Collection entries
□ □ □ □

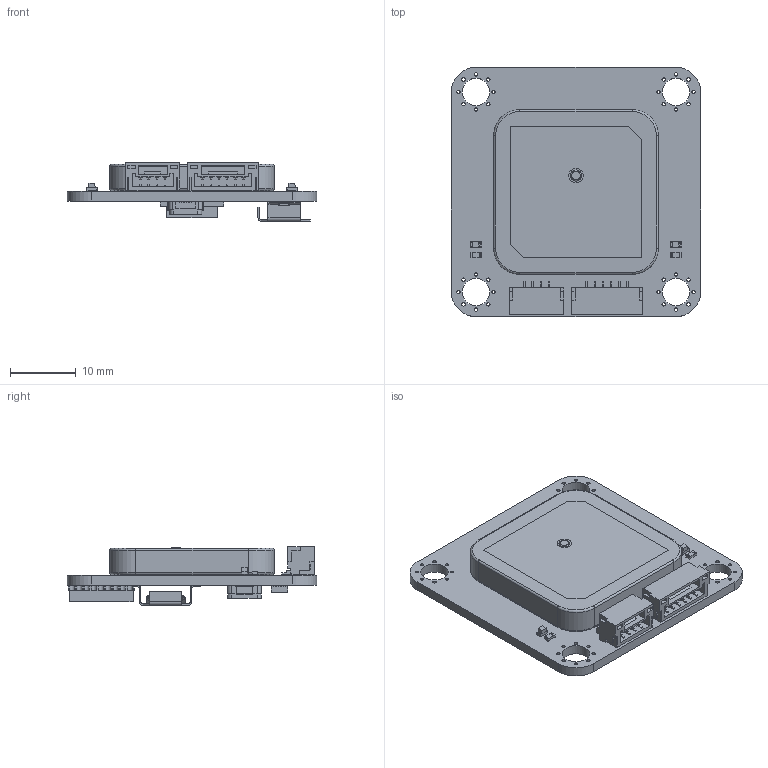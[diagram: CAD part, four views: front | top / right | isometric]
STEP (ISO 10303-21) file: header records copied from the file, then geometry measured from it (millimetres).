
FILE_DESCRIPTION(/* description */ ('KiCad electronic assembly'),/* implementation_level */ '2;1');
FILE_NAME(/* name */ 'Aerium_Polar_public.step',/* time_stamp */ '2025-11-30T13:02:52+02:00',/* author */ (''),/* organization */ (''),/* preprocessor_version */ 'ST-DEVELOPER v20.1',/* originating_system */ 'Autodesk Translation Framework v14.21.0.0',/* authorisation */ '');
FILE_SCHEMA (('AUTOMOTIVE_DESIGN { 1 0 10303 214 3 1 1 }'));
Products named in the file (14): 2025-11-30-11-01-46-341; 2025-11-30-11-01-46-344; 2025-11-30-11-01-46-345; 2025-11-30-11-01-46-346; 2025-11-30-11-01-46-347; 2025-11-30-11-01-46-348; 2025-11-30-11-01-46-349; 2025-11-30-11-01-46-350; 2025-11-30-11-01-46-351; 2025-11-30-11-01-46-352; 2025-11-30-11-01-46-353; 2025-11-30-11-01-46-354; 2025-11-30-11-01-46-342; 2025-11-30-11-01-46-343
Assembly tree (15 placements, depth 3):
  2025-11-30-11-01-46-341
    2025-11-30-11-01-46-342  x2
    2025-11-30-11-01-46-343  x2
    2025-11-30-11-01-46-344
    2025-11-30-11-01-46-345
    2025-11-30-11-01-46-346
    2025-11-30-11-01-46-347
    2025-11-30-11-01-46-348
      2025-11-30-11-01-46-349
      2025-11-30-11-01-46-350
    2025-11-30-11-01-46-351
    2025-11-30-11-01-46-352
    2025-11-30-11-01-46-353
    2025-11-30-11-01-46-354
Bounding box: 38 x 38 x 8.93 mm (x, y, z)
Volume: 4992 mm3; surface area: 7136.5 mm2
Topology: 76 solids, 76 shells, 2436 faces, 6653 edges, 4389 vertices
Faces by surface type: plane 1472, bspline 706, cylinder 220, sphere 24, torus 12, cone 2
Full cylindrical faces by diameter (mm): 0.263 x2, 0.5 x32, 0.9 x2, 0.95 x1, 1.2 x1, 1.458 x2, 1.7 x6, 2.2 x2, 3 x2, 4.2 x4
Entity records: 83571 total; most frequent: CARTESIAN_POINT 26099, ORIENTED_EDGE 12840, DIRECTION 8841, EDGE_CURVE 6420, LINE 4559, VECTOR 4559, VERTEX_POINT 4259, EDGE_LOOP 2529
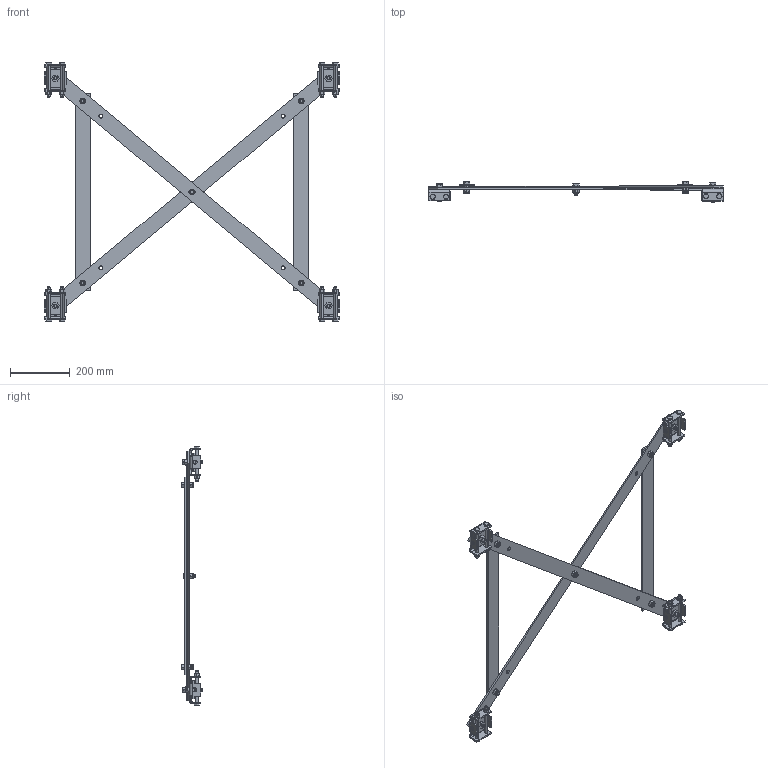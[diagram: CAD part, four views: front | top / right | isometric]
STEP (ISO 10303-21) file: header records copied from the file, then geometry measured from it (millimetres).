
FILE_DESCRIPTION (( 'STEP AP214' ), '1' );
FILE_NAME ('MRAA4205-30.001.STEP', '2018-11-19T18:53:27', ( 'IT' ), ( '' ), 'SwSTEP 2.0', 'SolidWorks 2018', '' );
FILE_SCHEMA (( 'AUTOMOTIVE_DESIGN' ));
Length unit declared in the file: inch
Products named in the file (13): M12x1.75x_HHCS_30 MM Long; HL3_M12; M12x1.75x_HHCS_50 MM Long; MRWD4089-01.001; M10_NYLOK; M12_LOCK_WASHER; MRWD4089.001; RAD4167.001; RWD4103.001; MRAA4205-30.001; RAD4168.001; M10x1.5x_HHCS_110 MM Long; M12_NYLOK
Assembly tree (48 placements, depth 3):
  MRAA4205-30.001
    RAD4167.001  x2
    RAD4168.001  x2
    RWD4103.001  x4
    MRWD4089.001  x4
      MRWD4089-01.001
      HL3_M12
    M12_LOCK_WASHER  x4
    M12x1.75x_HHCS_50 MM Long  x4
    M12x1.75x_HHCS_30 MM Long  x5
    M12_NYLOK  x5
    M10_NYLOK  x8
    M10x1.5x_HHCS_110 MM Long  x8
Bounding box: 987.42 x 68.2 x 866.88 mm (x, y, z)
Volume: 1697151.5 mm3; surface area: 666364.1 mm2
Topology: 50 solids, 50 shells, 1154 faces, 2674 edges, 1646 vertices
Faces by surface type: plane 482, cylinder 378, torus 142, cone 136, bspline 16
Entity records: 9104 total; most frequent: CARTESIAN_POINT 2479, DIRECTION 1288, ORIENTED_EDGE 1176, EDGE_CURVE 588, AXIS2_PLACEMENT_3D 507, VERTEX_POINT 366, EDGE_LOOP 298, VECTOR 274
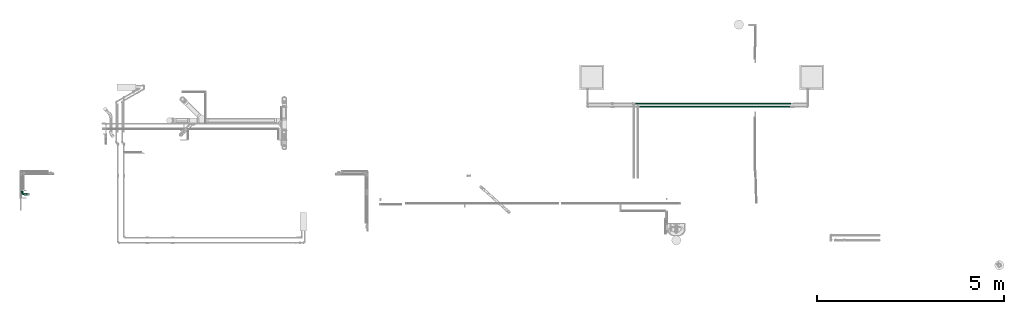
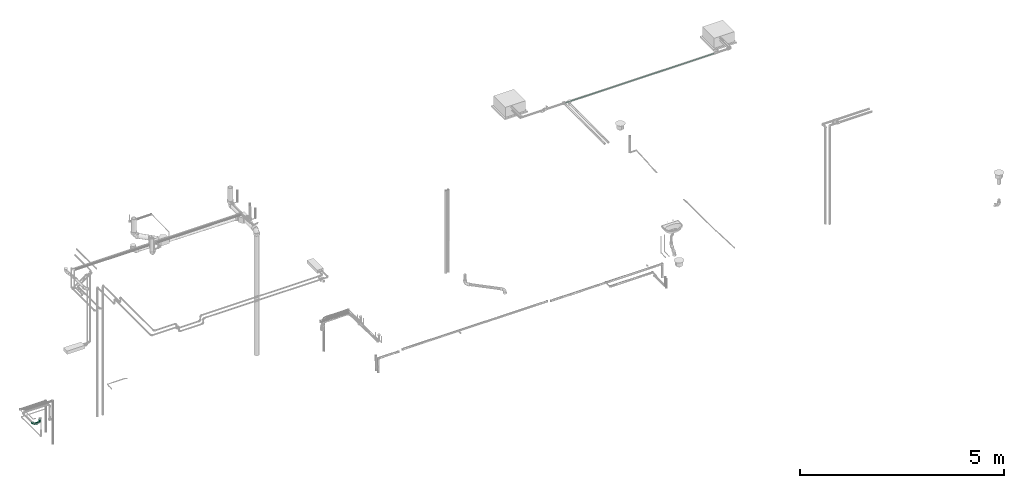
# One storey, part 32 of 108: 2 flow fittings, 2 flow segments.
"""IFC2X3 building model written with IfcOpenShell, lengths in millimetres."""

import ifcopenshell
import ifcopenshell.guid

model = None  # the IFC model being written
_history = None  # IfcOwnerHistory: only IFC2X3 demands one
_inside = {}  # id of a spatial element -> (the spatial element, [elements in it])
_under = {}  # id of a project, library or spatial element -> (it, [spatial elements below it])
_declared = {}  # id of a project -> (the project, [libraries it declares])
_typed = {}  # id of a type object -> (the type object, [elements of that type])
_made_of = {}  # id of a material, layer set ... -> (it, [elements and type objects made of it])


def new_model(schema):
    """Start an empty IFC model of exactly this schema.

    Asked for "IFC4X3", IfcOpenShell would pick the latest addendum, in which some entities
    have other attributes; the version numbers below select the first issue.
    IFC2X3 requires an IfcOwnerHistory on every rooted entity: one is made here for all.
    """
    global model, _history
    if schema == "IFC4X3":
        model = ifcopenshell.file(schema_version=(4, 3, 0, 0))
    else:
        model = ifcopenshell.file(schema=schema)
    _inside.clear()
    _under.clear()
    _declared.clear()
    _typed.clear()
    _made_of.clear()
    _history = None
    if model.schema == "IFC2X3":
        org = make("IfcOrganization", Name="unknown")
        user = make(
            "IfcPersonAndOrganization",
            ThePerson=make("IfcPerson", FamilyName="unknown"),
            TheOrganization=org,
        )
        app = make(
            "IfcApplication",
            ApplicationDeveloper=org,
            Version="unknown",
            ApplicationFullName="unknown",
            ApplicationIdentifier="unknown",
        )
        _history = make(
            "IfcOwnerHistory",
            OwningUser=user,
            OwningApplication=app,
            ChangeAction="ADDED",
            CreationDate=0,
        )
    return model


def make(cls, **values):
    """One entity of the class cls with the attributes given. An attribute that is None is left unset."""
    return model.create_entity(
        cls, **{name: value for name, value in values.items() if value is not None}
    )


def entity(cls, *values):
    """Any entity or typed value of the class cls, its attributes in the order of the schema. None: left unset."""
    e = model.create_entity(cls)
    for i, value in enumerate(values):
        if value is not None:
            e[i] = value
    return e


def rooted(cls, **values):
    """An entity with a GlobalId (a new one), such as an element, a storey or a relation."""
    return make(cls, GlobalId=ifcopenshell.guid.new(), OwnerHistory=_history, **values)


def si_unit(unit_type, name, prefix=None):
    """IfcSIUnit, for example si_unit("LENGTHUNIT", "METRE", prefix="MILLI")."""
    return make("IfcSIUnit", UnitType=unit_type, Prefix=prefix, Name=name)


def converted_unit(unit_type, name, factor, base, dimensions=None, offset=None):
    """IfcConversionBasedUnit, such as the inch: factor (a typed value) times the base unit."""
    return make(
        "IfcConversionBasedUnit"
        if offset is None
        else "IfcConversionBasedUnitWithOffset",
        ConversionOffset=offset,
        Dimensions=None
        if dimensions is None
        else entity("IfcDimensionalExponents", *dimensions),
        UnitType=unit_type,
        Name=name,
        ConversionFactor=make(
            "IfcMeasureWithUnit", ValueComponent=factor, UnitComponent=base
        ),
    )


def derived_unit(unit_type, elements):
    """IfcDerivedUnit: a product of units, each with its exponent."""
    return make(
        "IfcDerivedUnit",
        Elements=[
            make("IfcDerivedUnitElement", Unit=unit, Exponent=power)
            for unit, power in elements
        ],
        UnitType=unit_type,
    )


def assignment(units):
    """IfcUnitAssignment: the units of a project."""
    return None if units is None else make("IfcUnitAssignment", Units=units)


def point(xyz):
    """IfcCartesianPoint."""
    return None if xyz is None else make("IfcCartesianPoint", Coordinates=xyz)


def direction(xyz):
    """IfcDirection."""
    return None if xyz is None else make("IfcDirection", DirectionRatios=xyz)


def frame(location, z_axis=None, x_axis=None):
    """IfcAxis2Placement3D, a coordinate frame: its origin and axes. An axis left out is left unset."""
    return make(
        "IfcAxis2Placement3D",
        Location=point(location),
        Axis=direction(z_axis),
        RefDirection=direction(x_axis),
    )


def frame_2d(location, x_axis=None):
    """IfcAxis2Placement2D, a coordinate frame in the plane: its origin and x axis."""
    return make(
        "IfcAxis2Placement2D", Location=point(location), RefDirection=direction(x_axis)
    )


def origin_with_axes():
    """The frame at (0, 0, 0) with the z axis (0, 0, 1) and the x axis (1, 0, 0) written out."""
    return frame((0.0, 0.0, 0.0), z_axis=(0.0, 0.0, 1.0), x_axis=(1.0, 0.0, 0.0))


def origin_2d_with_axis():
    """The frame at (0, 0) in the plane with the x axis (1, 0) written out."""
    return frame_2d((0.0, 0.0), x_axis=(1.0, 0.0))


def place(relative_to, where):
    """IfcLocalPlacement: puts the frame where relative to a parent placement (None: the world)."""
    return make(
        "IfcLocalPlacement", PlacementRelTo=relative_to, RelativePlacement=where
    )


def context(
    kind, dimensions, precision=None, world=None, true_north=None, identifier=None
):
    """IfcGeometricRepresentationContext, for example the 3D "Model" context."""
    return make(
        "IfcGeometricRepresentationContext",
        ContextIdentifier=identifier,
        ContextType=kind,
        CoordinateSpaceDimension=dimensions,
        Precision=precision,
        WorldCoordinateSystem=world,
        TrueNorth=true_north,
    )


def subcontext(parent, identifier, kind, view, scale=None):
    """IfcGeometricRepresentationSubContext, for example "Body" below "Model"."""
    return make(
        "IfcGeometricRepresentationSubContext",
        ContextIdentifier=identifier,
        ContextType=kind,
        ParentContext=parent,
        TargetScale=scale,
        TargetView=view,
    )


def project(units=None, contexts=None):
    """IfcProject with its units and contexts."""
    return rooted(
        "IfcProject",
        Name="project",
        RepresentationContexts=contexts,
        UnitsInContext=assignment(units),
    )


def spatial(cls, under=None, at=None, **own):
    """A site, building, storey or space (cls), placed at a placement, below another one or the project."""
    s = rooted(cls, ObjectPlacement=at, **own)
    if under is not None:
        _under.setdefault(under.id(), (under, []))[1].append(s)
    return s


def profile(cls, at=None, kind="AREA", **sizes):
    """A parametric profile (cls). Its sizes go by their IFC names, for example OverallWidth=200.0."""
    return make(cls, ProfileType=kind, Position=at, **sizes)


def hollow_circle(**sizes):
    """IfcCircleHollowProfileDef."""
    return profile("IfcCircleHollowProfileDef", **sizes)


def extrude(swept, where, along, depth):
    """IfcExtrudedAreaSolid: the profile swept, set in the frame where, extruded along a direction by depth."""
    return make(
        "IfcExtrudedAreaSolid",
        SweptArea=swept,
        Position=where,
        ExtrudedDirection=direction(along),
        Depth=depth,
    )


def faces_of(points, faces, orient=None, outer=None):
    """IfcFace entities. A face is a list of loops; a loop is a list of indices into points, from 0.

    orient and outer hold one flag for each loop. By default every Orientation is true, the
    first loop of a face is its IfcFaceOuterBound and the others are IfcFaceBound.
    """
    made = []
    for i, loops in enumerate(faces):
        bounds = []
        for j, loop in enumerate(loops):
            is_outer = j == 0 if outer is None else outer[i][j]
            bounds.append(
                make(
                    "IfcFaceOuterBound" if is_outer else "IfcFaceBound",
                    Bound=make("IfcPolyLoop", Polygon=[points[k] for k in loop]),
                    Orientation=True if orient is None else orient[i][j],
                )
            )
        made.append(make("IfcFace", Bounds=bounds))
    return made


def open_shell(faces, orient=None, outer=None):
    """The faces of one IfcOpenShell. surface_model builds it on its shared points."""
    return ("IfcOpenShell", faces, orient, outer)


def surface_model(cls, points, shells):
    """IfcFaceBasedSurfaceModel or IfcShellBasedSurfaceModel (cls): surfaces that need not close."""
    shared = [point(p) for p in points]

□ □ □ □

PROBLEM DESCRIPTION :: Search the entries for the word "loops". Copy every line where it occurs.

TASK SOLUTION ::
    """IfcFace entities. A face is a list of loops; a loop is a list of indices into points, from 0.
    for i, loops in enumerate(faces):
        for j, loop in enumerate(loops):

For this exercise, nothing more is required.